Thomas Pieters (born 27 January 1992) is a Belgian professional golfer who currently plays on the European Tour.

Early life
Pieters was born in Geel, Belgium in 1992. He started playing golf at the age of five, learning the game at the Witbos Golf Club in Noorderwijk, Belgium.

Amateur career 
In 2010, he attended the University of Illinois for which he won the individual 2011 Jack Nicklaus Invitational and the individual 2012 NCAA Division I Championship in his second year; the next year, he finished second with his team at the 2013 NCAA Division I Championship and won the individual 2013 Big Ten Conference Championship.

Professional career 
In summer 2013, Pieters decided to forgo his senior year at the University of Illinois and turn professional.

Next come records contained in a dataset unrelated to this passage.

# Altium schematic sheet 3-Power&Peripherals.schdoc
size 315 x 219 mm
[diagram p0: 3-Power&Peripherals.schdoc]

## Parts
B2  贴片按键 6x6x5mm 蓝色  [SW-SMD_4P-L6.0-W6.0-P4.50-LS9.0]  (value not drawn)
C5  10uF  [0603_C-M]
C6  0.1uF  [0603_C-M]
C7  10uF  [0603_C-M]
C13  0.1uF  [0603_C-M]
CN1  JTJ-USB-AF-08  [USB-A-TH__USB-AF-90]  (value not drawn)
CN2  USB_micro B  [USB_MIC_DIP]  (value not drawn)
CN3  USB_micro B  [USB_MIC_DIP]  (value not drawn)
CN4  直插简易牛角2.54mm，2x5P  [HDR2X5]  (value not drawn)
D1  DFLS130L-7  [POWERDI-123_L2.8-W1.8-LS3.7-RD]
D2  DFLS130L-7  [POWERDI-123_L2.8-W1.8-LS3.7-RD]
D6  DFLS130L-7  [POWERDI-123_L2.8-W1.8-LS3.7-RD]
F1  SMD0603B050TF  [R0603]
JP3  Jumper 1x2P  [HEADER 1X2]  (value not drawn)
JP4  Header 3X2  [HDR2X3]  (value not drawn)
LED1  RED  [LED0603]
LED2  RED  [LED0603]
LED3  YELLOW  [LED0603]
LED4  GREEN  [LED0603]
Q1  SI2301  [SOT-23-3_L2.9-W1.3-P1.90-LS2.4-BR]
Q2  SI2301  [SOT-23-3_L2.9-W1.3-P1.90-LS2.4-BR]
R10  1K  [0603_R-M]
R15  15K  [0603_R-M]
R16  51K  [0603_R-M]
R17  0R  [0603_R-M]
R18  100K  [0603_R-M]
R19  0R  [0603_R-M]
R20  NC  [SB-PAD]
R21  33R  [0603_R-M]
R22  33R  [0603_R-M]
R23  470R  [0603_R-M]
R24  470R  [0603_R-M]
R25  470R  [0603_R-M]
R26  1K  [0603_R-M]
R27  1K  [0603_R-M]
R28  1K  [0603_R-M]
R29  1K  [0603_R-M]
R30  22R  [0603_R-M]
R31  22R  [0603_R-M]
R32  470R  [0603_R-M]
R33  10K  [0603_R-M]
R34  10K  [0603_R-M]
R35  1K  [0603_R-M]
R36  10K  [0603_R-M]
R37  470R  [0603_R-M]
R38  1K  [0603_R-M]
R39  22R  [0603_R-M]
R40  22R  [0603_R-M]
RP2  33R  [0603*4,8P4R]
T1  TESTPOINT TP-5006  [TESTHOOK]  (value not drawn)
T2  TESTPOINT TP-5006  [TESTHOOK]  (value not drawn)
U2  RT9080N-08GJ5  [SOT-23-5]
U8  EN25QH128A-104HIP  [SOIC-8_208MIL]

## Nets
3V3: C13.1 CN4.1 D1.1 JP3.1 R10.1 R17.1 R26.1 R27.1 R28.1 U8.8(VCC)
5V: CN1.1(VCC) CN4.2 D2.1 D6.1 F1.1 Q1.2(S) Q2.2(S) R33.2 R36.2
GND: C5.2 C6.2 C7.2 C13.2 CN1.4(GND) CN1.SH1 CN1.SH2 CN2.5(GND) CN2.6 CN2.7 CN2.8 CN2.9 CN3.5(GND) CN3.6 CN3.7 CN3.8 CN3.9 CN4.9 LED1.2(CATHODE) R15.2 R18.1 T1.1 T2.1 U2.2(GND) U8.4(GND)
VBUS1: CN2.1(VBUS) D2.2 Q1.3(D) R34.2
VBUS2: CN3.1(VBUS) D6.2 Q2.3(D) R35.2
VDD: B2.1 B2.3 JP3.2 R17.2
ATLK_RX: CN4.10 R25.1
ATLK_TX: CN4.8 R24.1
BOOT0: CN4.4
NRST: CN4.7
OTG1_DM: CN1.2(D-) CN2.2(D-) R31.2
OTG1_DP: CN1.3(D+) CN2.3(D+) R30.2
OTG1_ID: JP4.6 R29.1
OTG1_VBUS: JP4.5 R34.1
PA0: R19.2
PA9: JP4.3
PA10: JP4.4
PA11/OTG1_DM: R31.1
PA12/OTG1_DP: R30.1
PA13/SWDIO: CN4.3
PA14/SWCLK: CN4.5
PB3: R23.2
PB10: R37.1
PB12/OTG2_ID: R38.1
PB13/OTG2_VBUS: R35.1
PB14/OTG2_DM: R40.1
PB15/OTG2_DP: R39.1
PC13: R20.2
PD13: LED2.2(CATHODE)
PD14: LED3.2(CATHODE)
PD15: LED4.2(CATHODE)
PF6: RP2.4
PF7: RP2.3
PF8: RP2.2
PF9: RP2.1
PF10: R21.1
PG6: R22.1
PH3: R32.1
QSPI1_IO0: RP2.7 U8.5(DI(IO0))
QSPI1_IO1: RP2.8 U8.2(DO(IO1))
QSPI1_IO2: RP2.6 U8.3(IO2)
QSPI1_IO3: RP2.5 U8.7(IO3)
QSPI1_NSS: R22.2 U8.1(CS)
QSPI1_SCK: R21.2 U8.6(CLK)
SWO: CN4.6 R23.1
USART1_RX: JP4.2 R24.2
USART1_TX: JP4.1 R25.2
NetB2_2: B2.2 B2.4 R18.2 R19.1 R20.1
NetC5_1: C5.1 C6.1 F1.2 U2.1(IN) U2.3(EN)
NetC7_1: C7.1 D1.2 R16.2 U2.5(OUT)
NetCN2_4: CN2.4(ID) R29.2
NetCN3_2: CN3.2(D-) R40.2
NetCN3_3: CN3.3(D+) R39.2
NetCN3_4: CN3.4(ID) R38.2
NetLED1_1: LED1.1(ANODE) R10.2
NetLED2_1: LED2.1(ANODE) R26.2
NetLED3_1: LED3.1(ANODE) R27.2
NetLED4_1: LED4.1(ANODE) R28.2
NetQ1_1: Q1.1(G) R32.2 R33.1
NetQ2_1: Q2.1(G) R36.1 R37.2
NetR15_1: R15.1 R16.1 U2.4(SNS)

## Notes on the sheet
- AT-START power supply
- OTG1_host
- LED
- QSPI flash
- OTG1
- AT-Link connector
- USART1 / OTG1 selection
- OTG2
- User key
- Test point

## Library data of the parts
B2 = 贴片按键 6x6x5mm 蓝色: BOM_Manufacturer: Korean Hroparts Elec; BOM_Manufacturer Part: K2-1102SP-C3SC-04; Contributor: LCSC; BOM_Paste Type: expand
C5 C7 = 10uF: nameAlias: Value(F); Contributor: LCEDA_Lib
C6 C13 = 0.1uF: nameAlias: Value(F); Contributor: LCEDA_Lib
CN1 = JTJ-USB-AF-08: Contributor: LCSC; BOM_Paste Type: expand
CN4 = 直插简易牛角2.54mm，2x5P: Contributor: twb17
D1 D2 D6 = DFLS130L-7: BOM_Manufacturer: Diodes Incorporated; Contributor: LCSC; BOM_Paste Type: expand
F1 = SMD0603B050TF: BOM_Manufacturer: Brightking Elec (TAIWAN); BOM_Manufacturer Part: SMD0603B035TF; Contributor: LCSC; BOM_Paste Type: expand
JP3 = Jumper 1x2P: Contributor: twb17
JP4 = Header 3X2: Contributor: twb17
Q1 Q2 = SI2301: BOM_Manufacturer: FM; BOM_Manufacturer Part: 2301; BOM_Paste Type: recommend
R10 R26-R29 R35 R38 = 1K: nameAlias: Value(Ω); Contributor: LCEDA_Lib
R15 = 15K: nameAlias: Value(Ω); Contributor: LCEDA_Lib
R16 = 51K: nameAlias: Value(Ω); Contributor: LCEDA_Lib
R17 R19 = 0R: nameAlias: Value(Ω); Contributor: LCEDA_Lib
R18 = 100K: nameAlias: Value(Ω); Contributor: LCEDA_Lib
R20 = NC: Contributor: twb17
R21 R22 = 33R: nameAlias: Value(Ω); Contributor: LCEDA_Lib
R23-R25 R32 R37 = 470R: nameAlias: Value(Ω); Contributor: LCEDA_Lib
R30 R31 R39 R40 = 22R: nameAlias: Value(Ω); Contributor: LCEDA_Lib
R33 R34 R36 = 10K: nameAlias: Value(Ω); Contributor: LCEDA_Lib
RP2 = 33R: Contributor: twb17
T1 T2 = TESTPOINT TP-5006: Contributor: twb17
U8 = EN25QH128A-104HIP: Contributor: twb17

He made his debut on the European Tour in July at the Alstom Open de France, where he finished 29th; at the end of the year, he battled through all three stages of the European Tour Qualifying School taking the 20th card at the Final Stage, and qualified to play on the European Tour.

His best result in his first year was as runner-up in the 2014 Open de España, leading after the second and third rounds, finishing 6th at the Russian Open Golf Championship and 8th at the 2014 Malaysian Open and at the 2014 Alfred Dunhill Championship. He finished the year ranked #243 in the Official World Golf Ranking (OWGR), having ended the previous year at #1122.

In 2015, he started with a 4th-place finish at the Abu Dhabi HSBC Golf Championship which took him to #156 on the OWGR. In August and September, he won the D+D Real Czech Masters and the KLM Open in consecutive tournaments played and moved into the top 100 in the OWGR. The two wins and five top-10 placements of the season gave him a final 29th place in the Race to Dubai.

Pieters started 2016 at the Abu Dhabi HSBC Golf Championship, where he finished 2nd. In August, he represented Belgium at the 2016 Summer Olympics, finishing in 4th place. In the same month, he obtained a second place at the 2016 D+D Real Czech Masters and won the 2016 Made in Denmark. He was chosen by Darren Clarke as a captain's pick for the 2016 Ryder Cup.

Pieters' opened the 2017 season with a tie for 2nd at the Genesis Open in February and followed that up with a top-5 finish at the WGC-Mexico Championship. Those finishes moved Pieters to 29th in the Official World Golf Ranking and qualified him for his first Masters Tournament where his finished 4th. He capped a successful summer with his second top-5 finish at a WGC event when he finished 4th at the WGC-Bridgestone Invitational. That finish moved him into the top-25 of the OWGR. In September 2017, the European Tour announced that it would be returning to Belgium for the first time in 18 years with Pieters hosting the Belgian Knockout – a unique strokeplay and matchplay format – in May 2018.

In November 2018, Pieters won the 2018 World Cup of Golf with partner Thomas Detry, representing Belgium, at Metropolitan Golf Club in Melbourne, Australia.

In August 2019, Pieters shot a 3-under 69 to become the first golfer to win the D+D Real Czech Masters for the second time, beating Adri Arnaus by one stroke.

Pieters claimed his fifth European Tour victory in November 2021 at the Portugal Masters. Two months later, Pieters won the Abu Dhabi HSBC Championship for his sixth European Tour win and first Rolex Series victory.

In February 2023, it was confirmed that Pieters had joined LIV Golf.

Amateur wins
2009 International of Belgium Junior Championship
2011 Jack Nicklaus Invitational, Belgian Stroke Play Championship
2012 NCAA Division I Championship, Monroe Invitational
2013 Big Ten Championship

Professional wins (7)

European Tour wins (6)

European Tour playoff record (0–2)

Other wins (1)

Results in major championships
Results not in chronological order in 2020.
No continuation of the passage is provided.